黃仁勳 All-In Summit 全文:AI 末日論不科學,別用極端敘事把社會排除在科技革命外
NVIDIA 執行長黃仁勳近日登上 All-In Summit,與 All-In Podcast 四位主持人 Jason Calacanis、Chamath Palihapitiya、David Sacks 與 David Friedberg 展開近 50 分鐘對談。

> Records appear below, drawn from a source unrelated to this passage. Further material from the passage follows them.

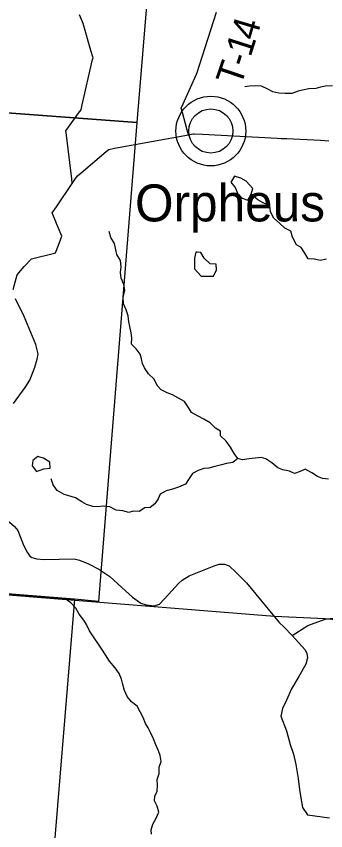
# Model space of a CAD drawing. Extents: x 0 to 42, y 0 to 22.
# Drawn here: x 7.704 to 8.033, y 16.803 to 17.672 of the extents above; entities that cross this region are included whole.
import ezdxf

# ---------------------------------------------------------------- set-up
doc = ezdxf.new("R2010")
doc.units = 0
for name, color, linetype in [('GM_X_County_Road', 7, 'Continuous'), ('GM_X_Minor_Lake', 7, 'Continuous'), ('GM_X_Minor_River', 7, 'Continuous'), ('GM_X_Section', 7, 'Continuous'), ('GM_X_Township', 7, 'Continuous'), ('GM_X_Township_Road', 7, 'Continuous'), ('GM_X_Township_Road_Text', 7, 'Continuous'), ('GM_X_Unincorporated', 7, 'Continuous'), ('GM_X_Unincorporated_Location', 7, 'Continuous'), ('GM_X_Unincorporated_Text', 7, 'Continuous')]:
    doc.layers.add(name, color=color, linetype=linetype)

msp = doc.modelspace()

# ---------------------------------------------------------------- linework, layer by layer
at = {"layer": 'GM_X_County_Road'}
for points in [[(7.70038, 17.38029), (7.70468, 17.39591), (7.7121, 17.4049), (7.71991, 17.4131), (7.74429, 17.41924), (7.74545, 17.41966), (7.74853, 17.42786), (7.75205, 17.43722), (7.74831, 17.44646), (7.74261, 17.46033), (7.74184, 17.46217), (7.74637, 17.46877), (7.76335, 17.49349), (7.76618, 17.49761), (7.76896, 17.50165), (7.77283, 17.50495), (7.79946, 17.52765), (7.80213, 17.52993), (7.80851, 17.5311), (7.88717, 17.54554), (7.89209, 17.54644), (7.89314, 17.54663), (7.90204, 17.54616), (7.98191, 17.54192), (7.98584, 17.5417), (7.99188, 17.54141), (8.02792, 17.53966)], [(8.02792, 17.53966), (8.03681, 17.53923)], [(7.70058, 17.25861), (7.71327, 17.2756), (7.71796, 17.28361), (7.72324, 17.29728), (7.72577, 17.30607), (7.72694, 17.31154), (7.7246, 17.32169), (7.7121, 17.35138), (7.70273, 17.37052)]]:
    msp.add_lwpolyline(points, dxfattribs=at)
at = {"layer": 'GM_X_Minor_Lake'}
for points in [[(7.95595, 17.48817), (7.94875, 17.49593), (7.94288, 17.49934), (7.93626, 17.50122), (7.93299, 17.49604)], [(7.93299, 17.49604), (7.9323, 17.49495), (7.93704, 17.48908), (7.9397, 17.48264), (7.94444, 17.47791), (7.95049, 17.47583), (7.95407, 17.4821), (7.95595, 17.48817)], [(7.89662, 17.42022), (7.89499, 17.42034), (7.89368, 17.4137), (7.8935, 17.40744), (7.89352, 17.40232), (7.9009, 17.39474)], [(7.9009, 17.39474), (7.91377, 17.39477), (7.91697, 17.40123), (7.91677, 17.4073), (7.91015, 17.40785), (7.90408, 17.41372), (7.90029, 17.41997), (7.89662, 17.42022)], [(7.72881, 17.20142), (7.7267, 17.20207), (7.72122, 17.1977), (7.72048, 17.19201), (7.72503, 17.18614)], [(7.72503, 17.18614), (7.73297, 17.18881), (7.73958, 17.18977), (7.73957, 17.19603), (7.73276, 17.20019), (7.72881, 17.20142)]]:
    msp.add_lwpolyline(points, dxfattribs=at)
at = {"layer": 'GM_X_Minor_River'}
for points in [[(8.04067, 17.5976), (8.0331, 17.59739), (8.028, 17.59624), (8.02308, 17.59509), (8.01552, 17.59451), (8.0089, 17.59298), (8.00399, 17.59202), (7.99737, 17.58973), (7.99037, 17.58953), (7.98338, 17.58989), (7.97713, 17.5914), (7.97164, 17.59404), (7.96521, 17.59725), (7.95877, 17.59762), (7.95216, 17.59741), (7.94724, 17.59664)], [(8.03439, 17.41285), (8.02759, 17.41132), (8.02153, 17.41263), (8.01491, 17.413), (8.01131, 17.41906), (8.00733, 17.42512), (8.0024, 17.42815), (7.99804, 17.4361), (7.99632, 17.44255), (7.99008, 17.44595), (7.9842, 17.45106), (7.97814, 17.45655), (7.97473, 17.46318), (7.97377, 17.46962), (7.96676, 17.47302), (7.96108, 17.47605), (7.95407, 17.4821)], [(8.03654, 17.17787), (8.0301, 17.17862), (8.02462, 17.18069), (8.01856, 17.18466), (8.01155, 17.18863), (8.00626, 17.18597), (8.0004, 17.18406), (7.99472, 17.18632), (7.98772, 17.18782), (7.98242, 17.1899), (7.97617, 17.1952), (7.96973, 17.19973), (7.96481, 17.20086), (7.95819, 17.20028), (7.95177, 17.19951), (7.94477, 17.19854), (7.93985, 17.20005), (7.93606, 17.20516), (7.93189, 17.21217), (7.92752, 17.21861), (7.92146, 17.22429), (7.92126, 17.22922), (7.91615, 17.23243), (7.91028, 17.23811), (7.90346, 17.24189), (7.8974, 17.24529), (7.8904, 17.24907), (7.88717, 17.25437), (7.88281, 17.26081), (7.87031, 17.26799), (7.86445, 17.27007), (7.8582, 17.27309), (7.85365, 17.27801), (7.85061, 17.28464), (7.84474, 17.29051), (7.84019, 17.29676), (7.83829, 17.30149), (7.83714, 17.30642), (7.83581, 17.31116), (7.83145, 17.31703), (7.82652, 17.32214), (7.82689, 17.32878), (7.82593, 17.33409), (7.8246, 17.34091), (7.82364, 17.34584), (7.82287, 17.3521), (7.82078, 17.35873), (7.81793, 17.36499), (7.81754, 17.37181), (7.81942, 17.37959), (7.81827, 17.38566), (7.81561, 17.39248), (7.81484, 17.39855), (7.8154, 17.40462), (7.81482, 17.41126), (7.81084, 17.41789), (7.80988, 17.42263), (7.80817, 17.42964), (7.80456, 17.4357), (7.80266, 17.44234)], [(7.93988, 17.20004), (7.93437, 17.19587), (7.92776, 17.19472), (7.92246, 17.19338), (7.91547, 17.19147), (7.90904, 17.18975), (7.90356, 17.18936), (7.89751, 17.18726), (7.89146, 17.18402), (7.88713, 17.17737), (7.88392, 17.17263), (7.87674, 17.16939), (7.87031, 17.1671), (7.86332, 17.16557), (7.85708, 17.16176), (7.85501, 17.15701), (7.85143, 17.15151), (7.84652, 17.1477), (7.84066, 17.14731), (7.8348, 17.14351), (7.82837, 17.14368), (7.82346, 17.14235), (7.81721, 17.14404), (7.81021, 17.14497), (7.8034, 17.14837), (7.7964, 17.14893), (7.79035, 17.14854), (7.78524, 17.14871), (7.77862, 17.15098), (7.77351, 17.15362), (7.76688, 17.15797), (7.75969, 17.16023), (7.75458, 17.16155), (7.74719, 17.1657), (7.74283, 17.17195), (7.74074, 17.1784)], [(7.80901, 16.97657), (7.80314, 16.98377), (7.79859, 16.99039), (7.79498, 16.99646), (7.79119, 17.00176), (7.78664, 17.00858), (7.78152, 17.01615), (7.77848, 17.02259), (7.77563, 17.02752), (7.7707, 17.03395), (7.7671, 17.0402), (7.76179, 17.04588), (7.75554, 17.05061)], [(7.84774, 16.79879), (7.84735, 16.80372), (7.84923, 16.80979), (7.85262, 16.81605), (7.85564, 16.82251), (7.85373, 16.82876), (7.85089, 16.83444), (7.85125, 16.83937), (7.85389, 16.84469), (7.85407, 16.85114), (7.85368, 16.85739), (7.85594, 16.86384), (7.85593, 16.87048), (7.85799, 16.87655), (7.85685, 16.883), (7.85532, 16.88792), (7.85229, 16.89437), (7.85001, 16.90081), (7.84678, 16.90763), (7.84431, 16.91236), (7.84146, 16.9171), (7.8388, 16.92354), (7.83577, 16.9296), (7.83235, 16.93566), (7.82648, 16.94039), (7.82174, 16.94607), (7.81889, 16.95232), (7.81718, 16.95877), (7.81584, 16.96445), (7.81318, 16.97051), (7.80901, 16.97657)]]:
    msp.add_lwpolyline(points, dxfattribs=at)
at = {"layer": 'GM_X_Section'}
for points in [[(7.36049, 18.10303), (7.87387, 18.06098), (7.83218, 17.55878), (7.32108, 17.59666)], [(7.32108, 17.59666), (7.83218, 17.55878), (7.79144, 17.04749), (7.76587, 17.04974), (7.2811, 17.08822)], [(7.23033, 17.09197), (7.2811, 17.08822), (7.76587, 17.04974), (7.72418, 16.54451), (7.19243, 16.58845)]]:
    msp.add_lwpolyline(points, close=True, dxfattribs=at)
at = {"layer": 'GM_X_Township'}
msp.add_lwpolyline([(8.42127, 18.51405), (8.38769, 18.10646), (8.32232, 17.47301), (8.30468, 17.09885), (8.29856, 17.02621), (8.2967, 17.00562), (8.09356, 17.02392), (8.06488, 17.0255), (8.03278, 17.02883), (7.97896, 17.0312), (7.36254, 17.08083), (7.35717, 17.08127), (7.35122, 17.08175), (7.35051, 17.0818), (7.34212, 17.08248), (7.2769, 17.08773), (7.22466, 17.09014), (6.78886, 17.12464), (6.70312, 17.1317), (6.64854, 17.1358), (6.05163, 17.18401)], dxfattribs=at)
at = {"layer": 'GM_X_Township_Road'}
for points in [[(7.88717, 17.54554), (7.88588, 17.55032), (7.88071, 17.56943), (7.87948, 17.57397), (7.88159, 17.57871), (7.89567, 17.61038), (7.89636, 17.61193), (7.89886, 17.61973), (7.91697, 17.67631)], [(7.76335, 17.49349), (7.76274, 17.49843), (7.75666, 17.54791), (7.75644, 17.54967), (7.76123, 17.55631), (7.76999, 17.56844), (7.77275, 17.57226), (7.77392, 17.57738), (7.78506, 17.62596), (7.78545, 17.62768), (7.78315, 17.63555), (7.77477, 17.66427), (7.77426, 17.66602), (7.77091, 17.67344)], [(8.17227, 15.49063), (8.24231, 16.32059), (8.26133, 16.54947), (8.2967, 17.00562), (8.09356, 17.02392), (8.06488, 17.0255), (8.03278, 17.02883), (7.97896, 17.0312), (7.36254, 17.08083), (7.35717, 17.08127), (7.35122, 17.08175), (7.35051, 17.0818), (7.34212, 17.08248), (7.2769, 17.08773), (7.22466, 17.09014), (6.78886, 17.12464), (6.70312, 17.1317), (6.64854, 17.1358), (6.05163, 17.18401)], [(7.68932, 17.13825), (7.69644, 17.13209), (7.70188, 17.12722), (7.70517, 17.12293), (7.70789, 17.11677), (7.71147, 17.10761), (7.71533, 17.09988), (7.71819, 17.09588), (7.71991, 17.09462)], [(7.71991, 17.09462), (7.72034, 17.0943), (7.72521, 17.09273), (7.73351, 17.09201), (7.76528, 17.09273), (7.77101, 17.09144), (7.7806, 17.08757), (7.79176, 17.08185), (7.80336, 17.07398), (7.8161, 17.0621), (7.8274, 17.05208), (7.83642, 17.04549), (7.84204, 17.04365), (7.85045, 17.04263), (7.85617, 17.04463), (7.86605, 17.05465), (7.87664, 17.06668), (7.88051, 17.07011), (7.88809, 17.07484), (7.91457, 17.08543), (7.91987, 17.08715), (7.92559, 17.08729), (7.93046, 17.08543), (7.93819, 17.07842), (7.94921, 17.06725), (7.97907, 17.03094), (7.98433, 17.0246), (7.98871, 17.02027), (7.99785, 17.01097)], [(7.99785, 17.01097), (8.01445, 17.02171), (8.03288, 17.02857), (8.03831, 17.02931), (8.04473, 17.02952), (8.06632, 17.02731), (8.09367, 17.02366), (8.10496, 17.02371)], [(7.99785, 17.01097), (8.01163, 16.99566), (8.01348, 16.99176), (8.01424, 16.9872), (8.01218, 16.98036), (8.0048, 16.96723), (7.99719, 16.95417), (7.99165, 16.94204), (7.98727, 16.93314), (7.98553, 16.92498), (7.99154, 16.90921), (7.99547, 16.89458), (7.99922, 16.88432), (8.00164, 16.87331), (8.00405, 16.8585), (8.00552, 16.84654), (8.00719, 16.83553), (8.00887, 16.82755), (8.01395, 16.81956), (8.03761, 16.81645)]]:
    msp.add_lwpolyline(points, dxfattribs=at)
at = {"layer": 'GM_X_Unincorporated'}
for radius in [0.0372, 0.02358]:
    msp.add_circle((7.91103, 17.54954), radius, dxfattribs=at)
at = {"layer": 'GM_X_Unincorporated_Location'}
msp.add_line((7.91103, 17.54954), (7.91103, 17.54954), dxfattribs=at)

# ---------------------------------------------------------------- texts
at = {"layer": 'GM_X_Township_Road_Text'}
for s, rotation, p in [('4', 73.4903, (7.9589, 17.64503)), ('1', 72.1471, (7.95332, 17.62767)), ('-', 72.08454, (7.94972, 17.61654)), ('T', 71.17473, (7.94271, 17.59596))]:
    msp.add_text(s, height=0.02841, rotation=rotation, dxfattribs=at).set_placement(p)
at = {"layer": 'GM_X_Unincorporated_Text'}
msp.add_text('Orpheus', height=0.039489, rotation=0.00001, dxfattribs=at).set_placement((7.83022, 17.45304))

doc.saveas('drawing.dxf')

這場訪談從 AI 安全、Dario Amodei 的「放緩前沿 AI」主張一路談到開源模型、中美 AI 競賽、資料中心、NVIDIA 投資策略、自駕車與中國半導體;進行到一半時,美國總統川普更突然打電話進場,直接透過黃仁勳手機向現場數千名觀眾發表近 5 分鐘談話。
黃仁勳批 AI 末日預言:很多預測最後都錯了
談話一開始,主持人便把話題帶到 Anthropic 執行長 Dario Amodei 最新文章,以及前沿 AI 實驗室近期對安全與「放慢競賽」的討論。
黃仁勳表示,文章中有關內部控制、吹哨者與安全治理的部分值得嚴肅看待,但他對以「科學預測」形式描述 AI 可能導致文明毀滅相當不認同。他直言,這類說法「不是建立在科學之上」,卻因為出自研究人員之口,很容易讓大眾把它當成有實證基礎的預測。
黃仁勳隨後列舉近年多項 AI 預測:包括放射科醫師會在五年內消失、90% 程式碼將在半年到一年內由 AI 生成、50% 入門職位即將被消滅等。他認為,這些預測迄今都沒有照原先描述的方式發生。
他以放射醫學為例指出,AI 的確已廣泛協助判讀影像,但世界並沒有因此不再需要放射科醫師,反而需要更多醫師;也就是說,AI 接管的是工作流程的一部分,而非直接消滅整個職業。
黃仁勳認為,AI 產業必須對過去那些錯誤、誇大的預測負起責任,不能一方面反覆提出極端預言,一方面又要求社會「相信專家」。
AI 出問題怎麼辦?黃仁勳:先做工程上的 root cause
針對政府究竟該如何監管 AI,黃仁勳的立場同樣偏向工程治理。他認為「監管應該解決真實存在的問題」目前真正有能力碰到前沿風險的,主要仍是擁有大量算力的 frontier labs,因為高中生、一般新創甚至大部分企業,都沒有足夠 compute 去進行同等規模的實驗。
因此,一旦發生事故,第一件事不應是直接跳到全面禁止或停止發展,而是像工程事故一樣追查 root cause:發生了什麼?為什麼發生?哪些技術、流程、監控或 sandbox 可以避免事件再次出現?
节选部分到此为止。